**Work request**
Copy each line in the data that includes the word "ZENER".

[[ Working data open ]]

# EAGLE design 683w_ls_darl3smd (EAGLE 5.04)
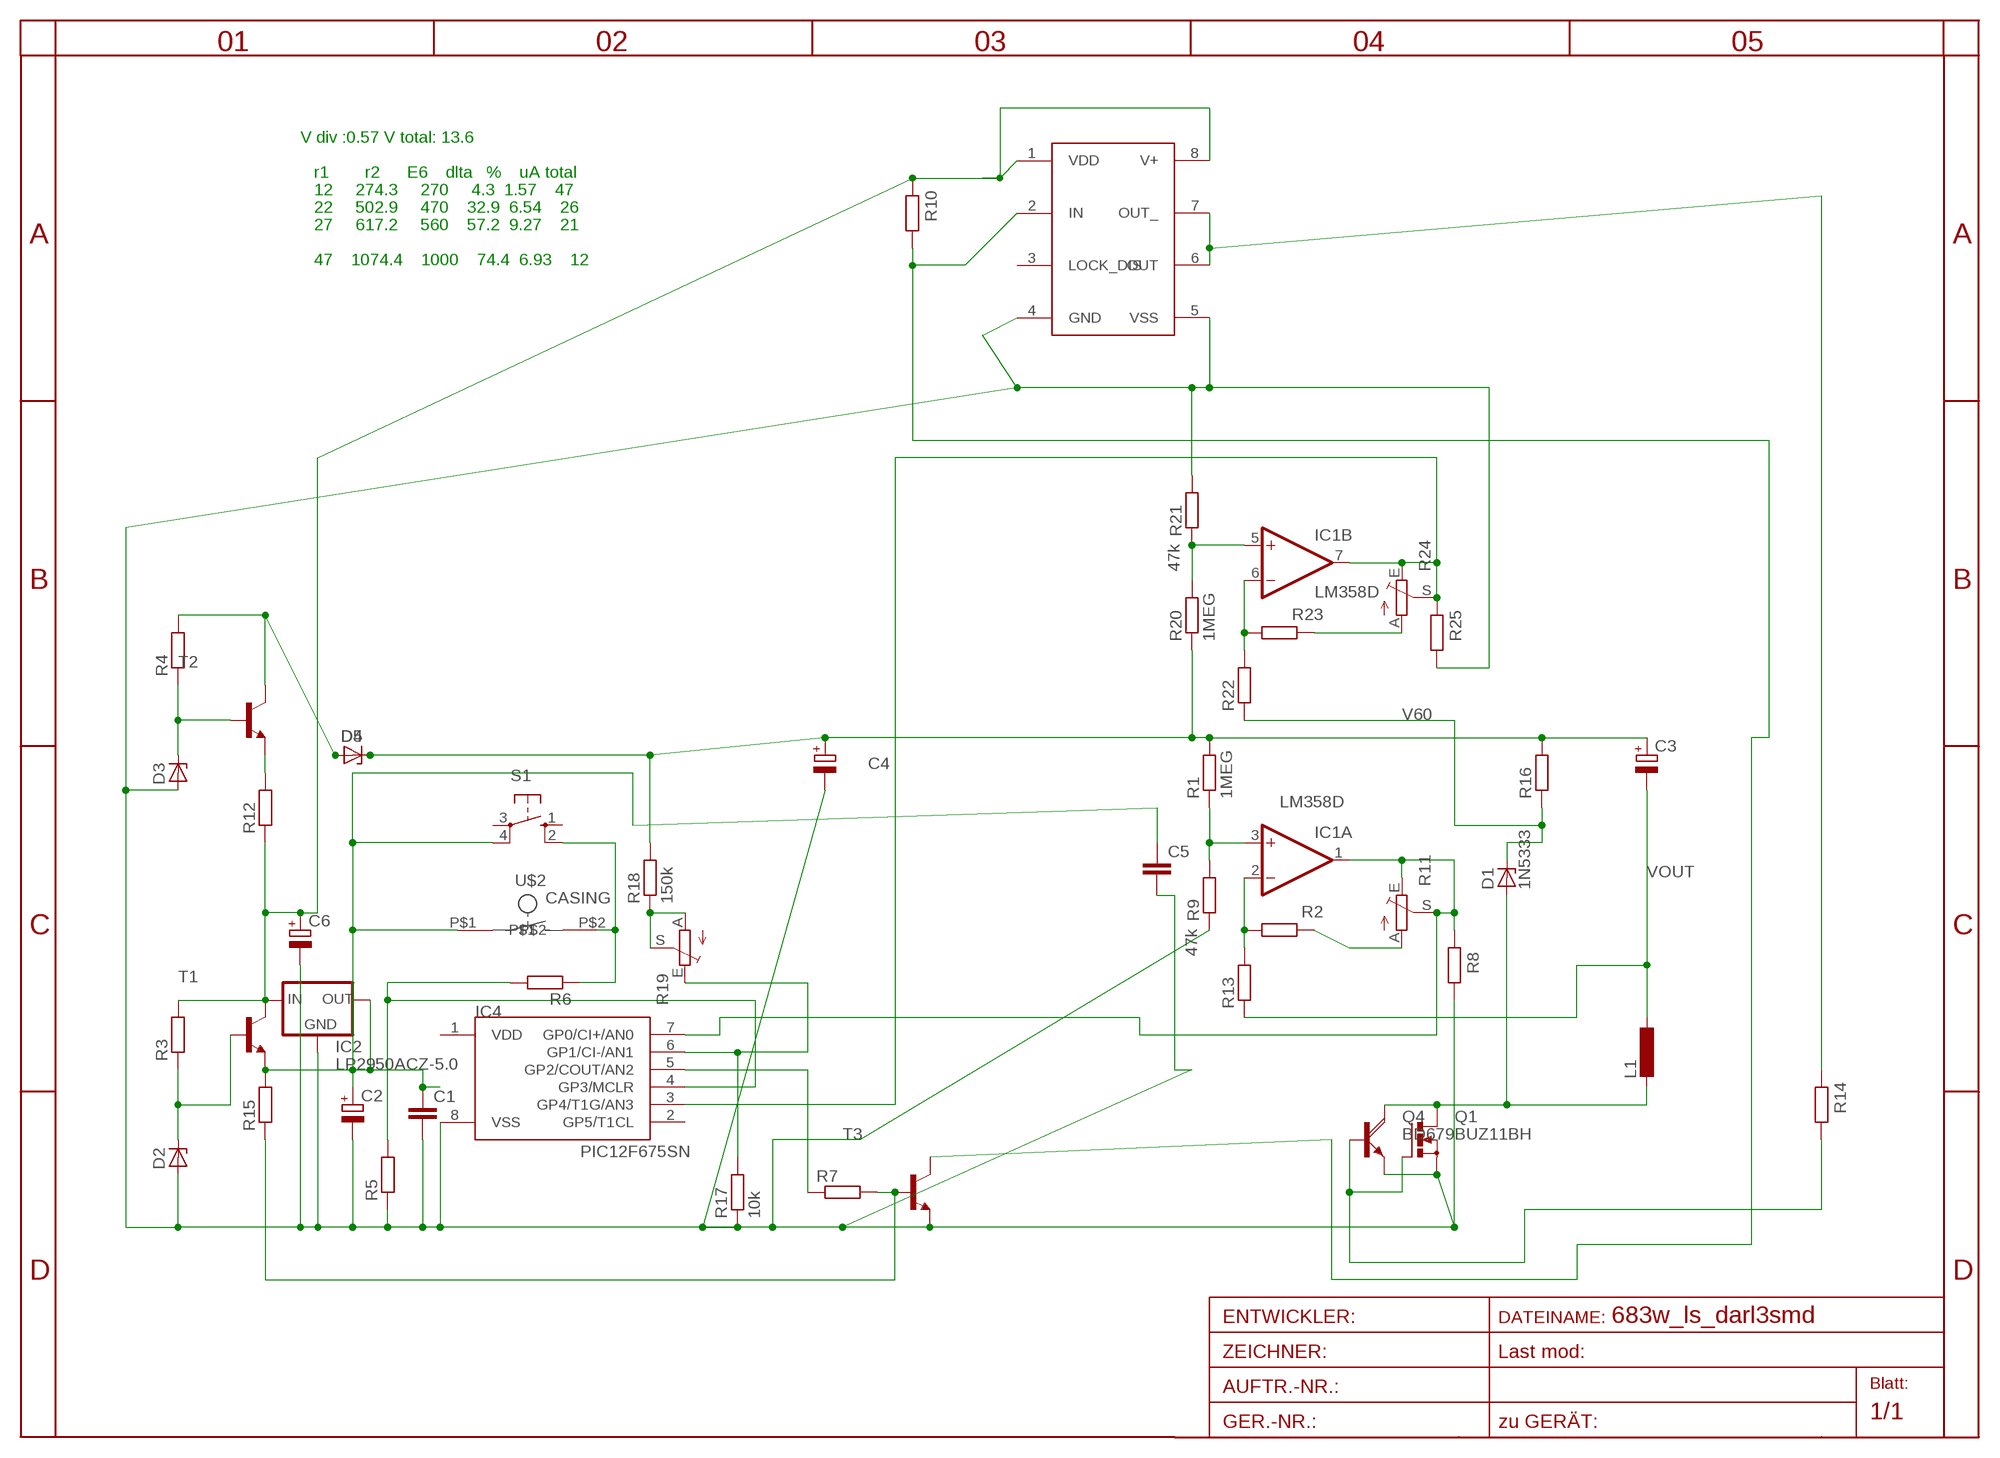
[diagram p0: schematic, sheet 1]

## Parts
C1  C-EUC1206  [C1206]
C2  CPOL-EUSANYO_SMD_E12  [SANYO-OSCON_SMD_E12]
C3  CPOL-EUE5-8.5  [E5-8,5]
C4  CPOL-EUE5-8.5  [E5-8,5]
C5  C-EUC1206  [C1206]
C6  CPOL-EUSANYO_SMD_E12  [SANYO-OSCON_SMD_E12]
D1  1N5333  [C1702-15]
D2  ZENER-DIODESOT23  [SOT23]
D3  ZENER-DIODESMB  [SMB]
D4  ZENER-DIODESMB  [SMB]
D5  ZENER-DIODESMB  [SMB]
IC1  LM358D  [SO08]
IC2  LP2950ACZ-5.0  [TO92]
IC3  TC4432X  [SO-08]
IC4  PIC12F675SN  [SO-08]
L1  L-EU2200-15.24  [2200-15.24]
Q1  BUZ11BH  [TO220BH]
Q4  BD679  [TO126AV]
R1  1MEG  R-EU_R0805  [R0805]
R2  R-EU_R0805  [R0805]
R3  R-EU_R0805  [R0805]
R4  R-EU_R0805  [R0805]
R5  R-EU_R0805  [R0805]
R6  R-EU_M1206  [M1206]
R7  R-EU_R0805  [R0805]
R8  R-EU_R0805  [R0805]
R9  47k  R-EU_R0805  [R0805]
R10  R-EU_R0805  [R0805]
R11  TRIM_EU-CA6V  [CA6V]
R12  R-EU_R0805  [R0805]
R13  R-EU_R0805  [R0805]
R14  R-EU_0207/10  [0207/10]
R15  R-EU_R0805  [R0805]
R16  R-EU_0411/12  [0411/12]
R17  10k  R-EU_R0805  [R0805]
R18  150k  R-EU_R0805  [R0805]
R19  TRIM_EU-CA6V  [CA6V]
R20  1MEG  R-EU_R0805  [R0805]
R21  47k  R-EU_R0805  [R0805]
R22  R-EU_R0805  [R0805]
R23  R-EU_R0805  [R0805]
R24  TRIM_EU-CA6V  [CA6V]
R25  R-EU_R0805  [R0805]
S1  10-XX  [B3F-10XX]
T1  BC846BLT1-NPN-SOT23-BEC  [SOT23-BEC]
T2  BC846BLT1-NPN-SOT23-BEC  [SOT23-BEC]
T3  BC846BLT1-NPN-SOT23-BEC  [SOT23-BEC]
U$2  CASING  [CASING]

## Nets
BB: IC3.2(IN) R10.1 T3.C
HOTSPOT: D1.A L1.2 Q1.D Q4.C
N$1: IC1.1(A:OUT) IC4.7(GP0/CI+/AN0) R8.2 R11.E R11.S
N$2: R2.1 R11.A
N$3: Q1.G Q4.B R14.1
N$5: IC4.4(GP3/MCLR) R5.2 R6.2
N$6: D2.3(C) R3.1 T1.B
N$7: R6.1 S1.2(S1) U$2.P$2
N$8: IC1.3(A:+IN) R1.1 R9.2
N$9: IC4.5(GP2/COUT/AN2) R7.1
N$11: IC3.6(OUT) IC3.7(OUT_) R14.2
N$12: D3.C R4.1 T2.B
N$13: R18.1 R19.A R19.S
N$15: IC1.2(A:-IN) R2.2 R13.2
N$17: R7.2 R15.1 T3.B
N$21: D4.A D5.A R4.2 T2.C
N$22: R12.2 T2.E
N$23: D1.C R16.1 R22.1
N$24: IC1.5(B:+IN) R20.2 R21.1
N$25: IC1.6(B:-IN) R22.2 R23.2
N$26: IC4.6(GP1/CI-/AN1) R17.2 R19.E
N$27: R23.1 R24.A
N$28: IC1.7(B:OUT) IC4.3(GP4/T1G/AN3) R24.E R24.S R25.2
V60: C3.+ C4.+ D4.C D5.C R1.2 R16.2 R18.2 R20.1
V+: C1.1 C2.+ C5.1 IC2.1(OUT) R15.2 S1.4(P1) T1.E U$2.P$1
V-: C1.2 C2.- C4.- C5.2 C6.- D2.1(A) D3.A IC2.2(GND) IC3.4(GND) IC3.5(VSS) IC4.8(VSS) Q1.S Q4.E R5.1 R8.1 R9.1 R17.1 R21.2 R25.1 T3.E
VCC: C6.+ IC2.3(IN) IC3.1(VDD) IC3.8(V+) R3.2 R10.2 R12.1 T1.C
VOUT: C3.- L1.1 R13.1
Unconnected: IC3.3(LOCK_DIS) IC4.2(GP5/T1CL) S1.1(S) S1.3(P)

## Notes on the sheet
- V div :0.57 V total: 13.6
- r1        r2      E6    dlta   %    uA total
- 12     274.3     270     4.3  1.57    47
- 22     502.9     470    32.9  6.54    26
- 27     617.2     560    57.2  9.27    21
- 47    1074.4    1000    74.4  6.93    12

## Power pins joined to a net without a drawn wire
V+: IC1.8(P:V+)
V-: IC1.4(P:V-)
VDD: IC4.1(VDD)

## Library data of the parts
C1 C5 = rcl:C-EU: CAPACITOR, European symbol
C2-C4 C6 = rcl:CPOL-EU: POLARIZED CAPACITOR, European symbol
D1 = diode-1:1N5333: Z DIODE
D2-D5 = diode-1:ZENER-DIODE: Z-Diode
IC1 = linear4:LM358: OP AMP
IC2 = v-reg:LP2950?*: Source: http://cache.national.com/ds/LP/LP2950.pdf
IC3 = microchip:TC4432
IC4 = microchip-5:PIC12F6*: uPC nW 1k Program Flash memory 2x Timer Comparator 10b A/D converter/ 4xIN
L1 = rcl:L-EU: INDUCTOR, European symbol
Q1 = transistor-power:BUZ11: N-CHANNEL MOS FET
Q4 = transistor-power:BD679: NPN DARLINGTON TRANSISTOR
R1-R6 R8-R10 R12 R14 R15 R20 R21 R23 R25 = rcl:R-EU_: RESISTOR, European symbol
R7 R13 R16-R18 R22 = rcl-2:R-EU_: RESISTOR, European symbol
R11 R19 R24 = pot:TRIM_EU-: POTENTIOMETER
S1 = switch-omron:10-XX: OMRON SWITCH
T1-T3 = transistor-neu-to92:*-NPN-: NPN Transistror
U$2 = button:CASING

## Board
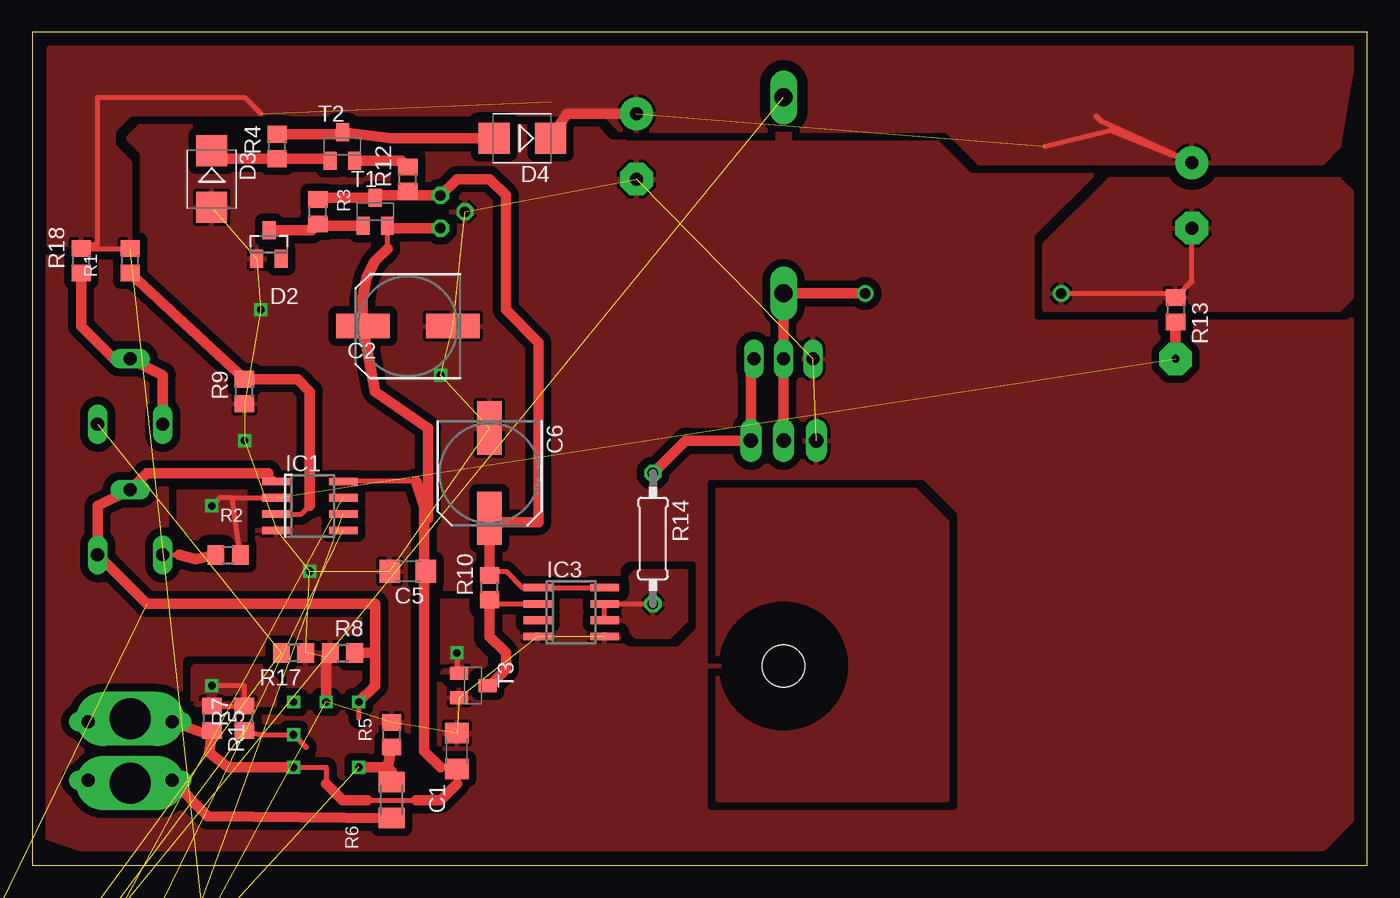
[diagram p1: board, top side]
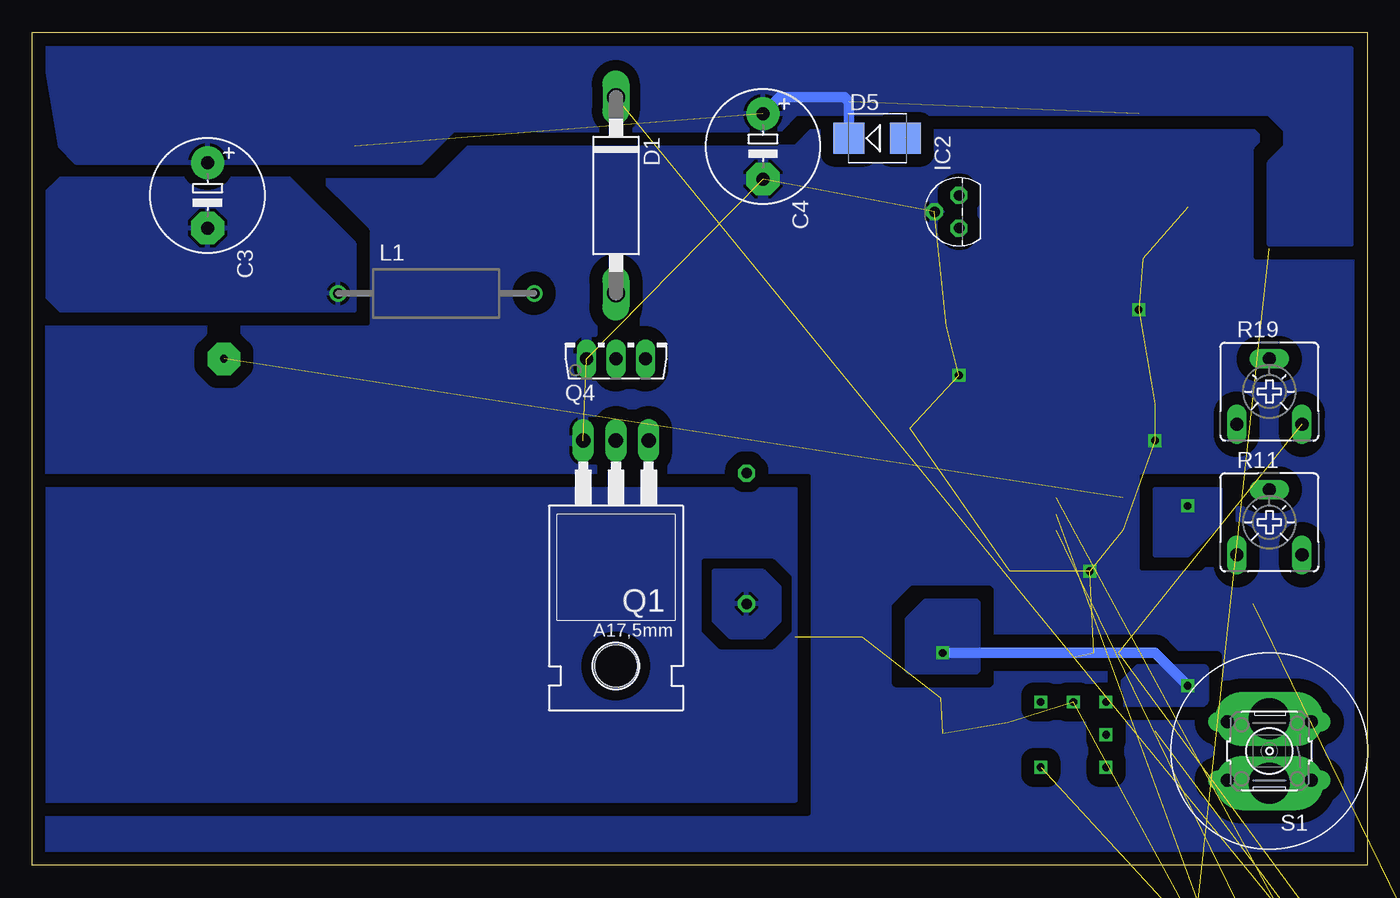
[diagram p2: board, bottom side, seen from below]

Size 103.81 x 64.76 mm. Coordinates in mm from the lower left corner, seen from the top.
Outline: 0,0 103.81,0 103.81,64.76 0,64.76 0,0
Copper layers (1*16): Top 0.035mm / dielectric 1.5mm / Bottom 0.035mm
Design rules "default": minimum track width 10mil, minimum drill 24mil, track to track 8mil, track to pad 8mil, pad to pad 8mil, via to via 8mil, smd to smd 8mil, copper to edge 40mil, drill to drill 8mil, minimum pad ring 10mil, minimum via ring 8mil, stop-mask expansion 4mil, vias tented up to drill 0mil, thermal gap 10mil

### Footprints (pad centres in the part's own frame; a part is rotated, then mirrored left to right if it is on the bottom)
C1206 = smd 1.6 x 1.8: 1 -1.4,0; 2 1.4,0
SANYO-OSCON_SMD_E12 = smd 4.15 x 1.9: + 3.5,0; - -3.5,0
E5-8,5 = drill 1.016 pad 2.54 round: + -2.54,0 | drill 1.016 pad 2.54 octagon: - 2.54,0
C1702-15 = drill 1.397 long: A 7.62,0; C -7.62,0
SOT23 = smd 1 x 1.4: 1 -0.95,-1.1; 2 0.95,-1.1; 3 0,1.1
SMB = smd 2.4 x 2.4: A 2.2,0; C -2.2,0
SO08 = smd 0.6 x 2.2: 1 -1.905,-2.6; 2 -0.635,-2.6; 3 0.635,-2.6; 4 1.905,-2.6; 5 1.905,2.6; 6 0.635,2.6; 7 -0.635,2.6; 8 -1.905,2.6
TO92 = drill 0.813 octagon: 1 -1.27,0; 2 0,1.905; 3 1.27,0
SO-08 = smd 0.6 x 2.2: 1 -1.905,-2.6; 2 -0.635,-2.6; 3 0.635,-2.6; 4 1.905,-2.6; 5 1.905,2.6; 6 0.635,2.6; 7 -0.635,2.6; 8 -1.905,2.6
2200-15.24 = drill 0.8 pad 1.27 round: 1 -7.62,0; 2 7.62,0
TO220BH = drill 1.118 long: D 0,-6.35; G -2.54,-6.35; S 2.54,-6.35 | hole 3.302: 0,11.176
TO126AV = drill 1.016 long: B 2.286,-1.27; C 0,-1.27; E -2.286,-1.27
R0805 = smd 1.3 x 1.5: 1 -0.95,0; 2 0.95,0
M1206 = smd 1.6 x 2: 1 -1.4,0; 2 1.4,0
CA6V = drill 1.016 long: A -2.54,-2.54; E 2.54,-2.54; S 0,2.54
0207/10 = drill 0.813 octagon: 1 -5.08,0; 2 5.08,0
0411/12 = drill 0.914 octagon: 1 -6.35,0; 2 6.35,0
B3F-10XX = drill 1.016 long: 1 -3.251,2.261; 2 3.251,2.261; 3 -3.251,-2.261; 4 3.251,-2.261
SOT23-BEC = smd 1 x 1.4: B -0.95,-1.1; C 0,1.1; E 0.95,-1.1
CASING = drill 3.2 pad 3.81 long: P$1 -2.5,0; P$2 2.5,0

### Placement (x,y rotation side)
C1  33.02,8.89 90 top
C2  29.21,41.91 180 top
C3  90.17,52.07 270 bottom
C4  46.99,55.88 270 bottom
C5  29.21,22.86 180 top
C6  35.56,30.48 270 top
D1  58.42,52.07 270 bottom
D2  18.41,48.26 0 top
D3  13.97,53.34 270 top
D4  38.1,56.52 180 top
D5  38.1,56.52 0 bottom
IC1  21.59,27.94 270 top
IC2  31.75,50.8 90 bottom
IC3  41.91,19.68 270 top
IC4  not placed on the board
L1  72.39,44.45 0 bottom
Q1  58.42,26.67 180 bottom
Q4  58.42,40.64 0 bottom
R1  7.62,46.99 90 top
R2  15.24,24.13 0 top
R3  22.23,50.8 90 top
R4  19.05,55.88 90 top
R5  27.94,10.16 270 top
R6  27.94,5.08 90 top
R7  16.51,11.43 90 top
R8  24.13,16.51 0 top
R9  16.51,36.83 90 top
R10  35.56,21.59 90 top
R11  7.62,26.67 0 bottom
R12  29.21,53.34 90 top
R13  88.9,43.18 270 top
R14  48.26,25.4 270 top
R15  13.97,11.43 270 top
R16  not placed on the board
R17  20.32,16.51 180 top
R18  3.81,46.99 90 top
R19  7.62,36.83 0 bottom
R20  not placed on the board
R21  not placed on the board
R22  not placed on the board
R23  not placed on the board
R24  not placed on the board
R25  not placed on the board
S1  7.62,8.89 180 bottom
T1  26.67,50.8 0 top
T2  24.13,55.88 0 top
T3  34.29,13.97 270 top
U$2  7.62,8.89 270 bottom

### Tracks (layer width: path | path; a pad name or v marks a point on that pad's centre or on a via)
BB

[[ Working data closed ]]

**Result of this exercise**
D2  ZENER-DIODESOT23  [SOT23]
D3  ZENER-DIODESMB  [SMB]
D4  ZENER-DIODESMB  [SMB]
D5  ZENER-DIODESMB  [SMB]
D2-D5 = diode-1:ZENER-DIODE: Z-Diode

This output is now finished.